Re.  La Regina di nuovo mi t'ha mandato a domandare e dice ch'essendo alquanto indisposta vorrebbe che tu l'andasti un poco a trattenere e fargli passar l'umore con le tue piacevolezze.

Bertoldo.  Anco la volpe talora si finge inferma per trapolar i polastri.

Re.  A che proposito dici tu questo?

Bertoldo.  Perché né tigre, né femina fu mai senza vendetta.

Re.  Leggi qui, se tu sai leggere.

Bertoldo.  La prattica mi serve per libro.

Re.  Sdegno di donna nobile tosto passa via.

Bertoldo.  Le cernici coperte tengono un pezzo calda la cenere.

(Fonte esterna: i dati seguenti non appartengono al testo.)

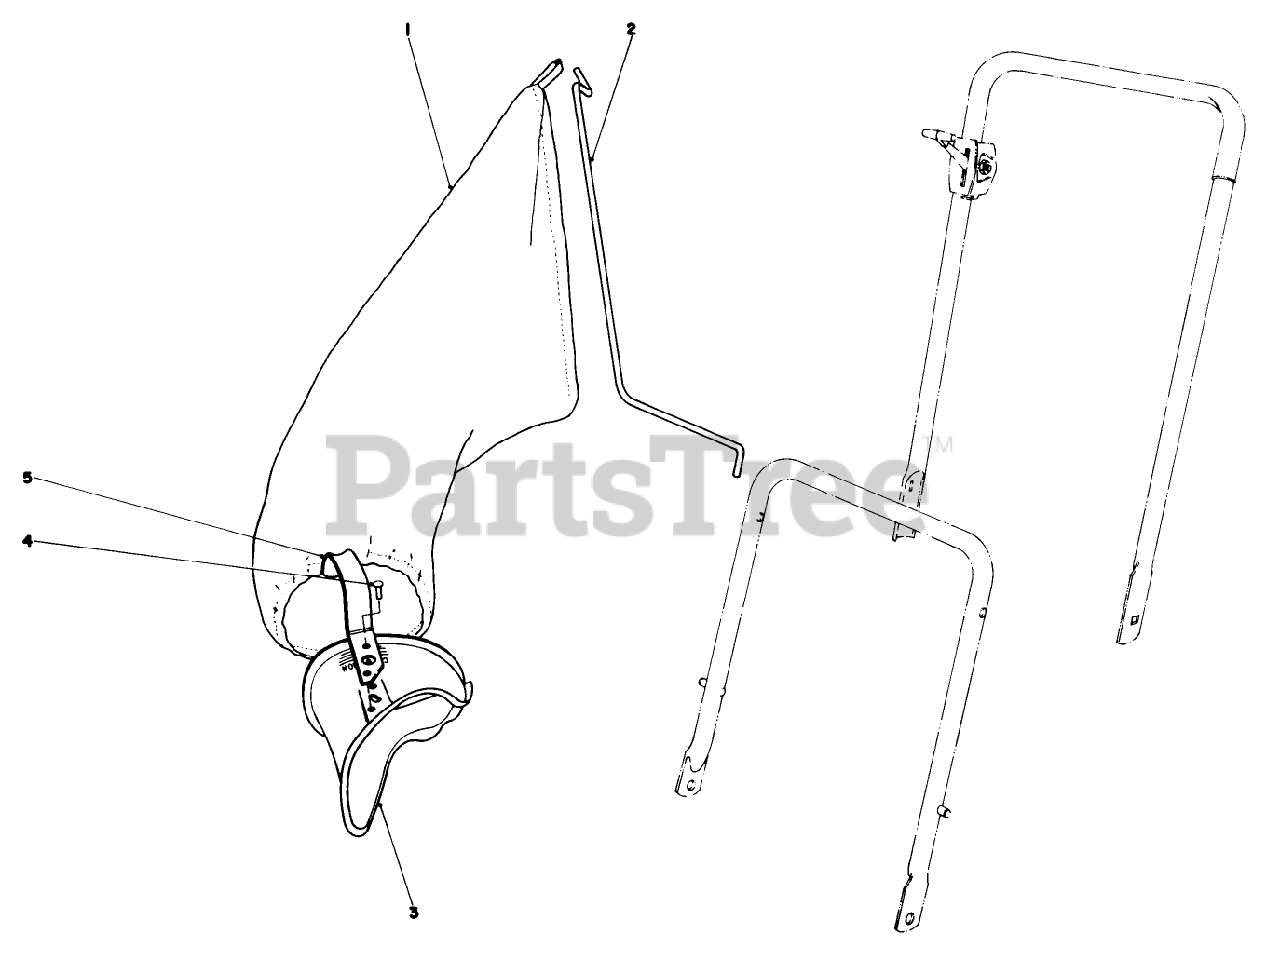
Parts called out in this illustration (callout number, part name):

Re.  Non odi tu le buone parole ch'ella ti manda a dire?

Bertoldo.  Buone parole e tristi fatti ingannano i savi e i matti.

Re.  Orsù, chi ha d'andar vada, che l'acqua non è spada.

Bertoldo.  Chi è scottato dalla minestra calda soffia sulla fredda.

Re.  Da corsaro a corsaro non si perde altro che i barili vuoti.

Bertoldo.  Una cosa pensa il ghiotto, l'altra il tavernaro.

Re.  Il far servizio mai non si perde.

Bertoldo.  Servizio con danno, Dio ti dia il mal anno.

Re.  Non aver paura di nulla nella mia corte.

Bertoldo.  Meglio è esser uccello di campagna che di gabbia.

Re.  Orsù, non ti far bramar più; va' via, perché cosa tanto pregata poco è poi grata.

Bertoldo.  Tristo colui che essempio ad altrui.

Re.  Chi sta più, vorrebbe star più.

Bertoldo.  Chi spinge la nave in mare sta sulla riva.

Re.  Orsù, va' dove ti mando, e non temere.

Bertoldo.  Quando il bue va alla mazza, suda dinanzi e trema di dietro.

Re.  Fa' un animo di leone e va' via arditamente.

Bertoldo.  Non può far animo di leone chi ha il cuore di pecora.

Re.  Va' via sicuramente, che la Regina non ha più odio teco, ma s'è passata quella burla in riso.

Bertoldo.  Riso di signore, sereno di verno, cappello di matto, trotto di mula vecchia, fanno una primiera di pochi punti.

Re.  Non ti far più aspettare perché ogni tardanza è poi noiosa.

Bertoldo.  Orsù, io vado, poiché tu me lo comandi; vada come si vuole, in ogni modo, o per l'uscio o per la porta bisogna entrarvi.